Jolie urges UN Security Council to take action against sexual violence
UNITED NATIONS - Movie star Angelina Jolie pleaded with members of the U.N. Security Council to adopt a resolution that would punish the perpetrators of sexual violence during conflict and protect the victims of the crime.
"Let us be clear what we're speaking of," said Jolie, who serves as a special envoy of U.N. High Commissioner for Refugees Antonio Guterres. "Young girls raped and impregnated before their bodies are able to carry a child, causing fistula. Boys held at gunpoint and forced to sexually assault their mothers and sisters.
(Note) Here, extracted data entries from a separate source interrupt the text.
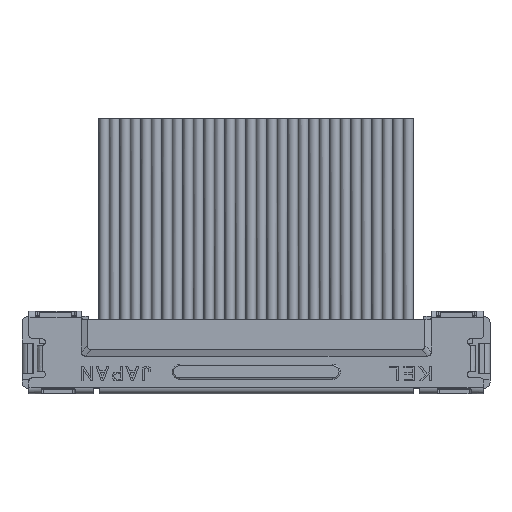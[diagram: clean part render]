
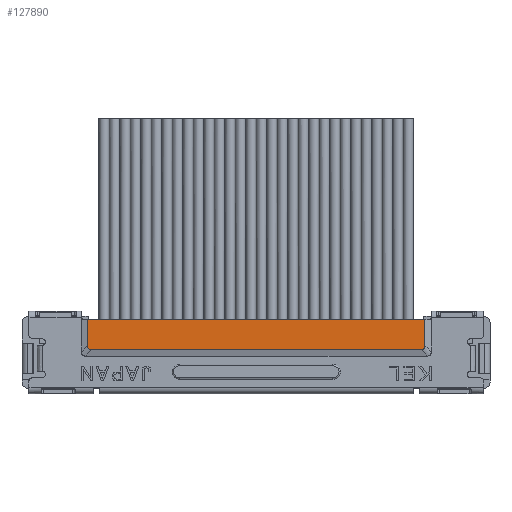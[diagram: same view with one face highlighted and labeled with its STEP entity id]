
A CAD part, top view. The second image highlights one B-rep face of the part: STEP entity #127890.
In plain terms, the highlighted planar face has unit normal (0, 0, 1).
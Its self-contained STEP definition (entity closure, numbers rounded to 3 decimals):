
#123200=CARTESIAN_POINT('',(-8.475,0.535,0.36));
#123210=DIRECTION('',(0.,1.,0.));
#123220=VECTOR('',#123210,1.);
#123230=LINE('',#123200,#123220);
#123240=CARTESIAN_POINT('',(-8.475,0.32,0.36));
#123250=VERTEX_POINT('',#123240);
#123260=CARTESIAN_POINT('',(-8.475,0.945,0.36));
#123270=VERTEX_POINT('',#123260);
#123280=EDGE_CURVE('',#123250,#123270,#123230,.T.);
#127030=CARTESIAN_POINT('',(-20.829,0.945,0.36));
#127040=DIRECTION('',(1.,0.,0.));
#127050=VECTOR('',#127040,1.);
#127060=LINE('',#127030,#127050);
#127070=CARTESIAN_POINT('',(-16.51,0.945,0.36));
#127080=VERTEX_POINT('',#127070);
#127090=EDGE_CURVE('',#127080,#123270,#127060,.T.);
#127480=CARTESIAN_POINT('',(-12.146,0.64,0.36));
#127490=DIRECTION('',(0.,0.,1.));
#127500=DIRECTION('',(1.,0.,0.));
#127510=AXIS2_PLACEMENT_3D('',#127480,#127490,#127500);
#127520=PLANE('',#127510);
#127530=ORIENTED_EDGE('',*,*,#123280,.T.);
#127540=CARTESIAN_POINT('',(-9.424,1.174,0.36));
#127550=DIRECTION('',(0.,0.,-1.));
#127560=DIRECTION('',(-0.707,0.707,0.));
#127570=AXIS2_PLACEMENT_3D('',#127540,#127550,#127560);
#127580=ELLIPSE('',#127570,1.308,0.3);
#127590=CARTESIAN_POINT('',(-8.57,0.225,0.36));
#127600=VERTEX_POINT('',#127590);
#127610=EDGE_CURVE('',#123250,#127600,#127580,.T.);
#127620=ORIENTED_EDGE('',*,*,#127610,.F.);
#127630=CARTESIAN_POINT('',(-12.575,0.225,0.36));
#127640=DIRECTION('',(1.,0.,0.));
#127650=VECTOR('',#127640,1.);
#127660=LINE('',#127630,#127650);
#127670=CARTESIAN_POINT('',(-16.415,0.225,0.36));
#127680=VERTEX_POINT('',#127670);
#127690=EDGE_CURVE('',#127680,#127600,#127660,.T.);
#127700=ORIENTED_EDGE('',*,*,#127690,.T.);
#127710=CARTESIAN_POINT('',(-15.561,1.174,0.36));
#127720=DIRECTION('',(0.,0.,1.));
#127730=DIRECTION('',(0.707,0.707,0.));
#127740=AXIS2_PLACEMENT_3D('',#127710,#127720,#127730);
#127750=ELLIPSE('',#127740,1.308,0.3);
#127760=CARTESIAN_POINT('',(-16.51,0.32,0.36));
#127770=VERTEX_POINT('',#127760);
#127780=EDGE_CURVE('',#127770,#127680,#127750,.T.);
#127790=ORIENTED_EDGE('',*,*,#127780,.T.);
#127800=CARTESIAN_POINT('',(-16.51,0.535,0.36));
#127810=DIRECTION('',(0.,1.,0.));
#127820=VECTOR('',#127810,1.);
#127830=LINE('',#127800,#127820);
#127840=EDGE_CURVE('',#127770,#127080,#127830,.T.);
#127850=ORIENTED_EDGE('',*,*,#127840,.F.);
#127860=ORIENTED_EDGE('',*,*,#127090,.F.);
#127870=EDGE_LOOP('',(#127860,#127850,#127790,#127700,#127620,#127530));
#127880=FACE_OUTER_BOUND('',#127870,.T.);
#127890=ADVANCED_FACE('',(#127880),#127520,.T.);

Women raped with bottles, wood branches and knives to cause as much damage as possible."
Jolie's short prepared speech came a few days after she visited the Syrian border, where she met with refugees in what she called "the worst humanitarian crisis of the 21st century," according to a U.N. report of her visit to mark World Refugee Day, June 20.
She told Security Council members the story of one woman she met in Jordan who was afraid to speak out after being assaulted.
"She knew that if she spoke out against the crimes against her, she would be attacked and possibly killed," Jolie said. "Rape is a tool of war. It is an act of aggression and a crime against humanity."
She cited the United Nations charter to impress upon the Security Council that the 15-member body is responsible for the world's peace and security - and that sexual violence threatens international peace and security.
"Rape as a weapon of war is an assault on security and a world in which these crimes happen is one in which there is not and never will be peace," she said. "Addressing war zone sexual violence is, therefore, your responsibility, as well as the duty of governments in countries affected by it."
Jolie said of the victims, "They suffer most at the hands of their rapists, but they are also victims of a culture of impunity," and she took a jab at the inertia that sometimes steers the Security Council into political paralysis.
"I understand that there are many things that are difficult for the U.N. Security Council to agree on," she said. "But sexual violence in conflict should not be one of them."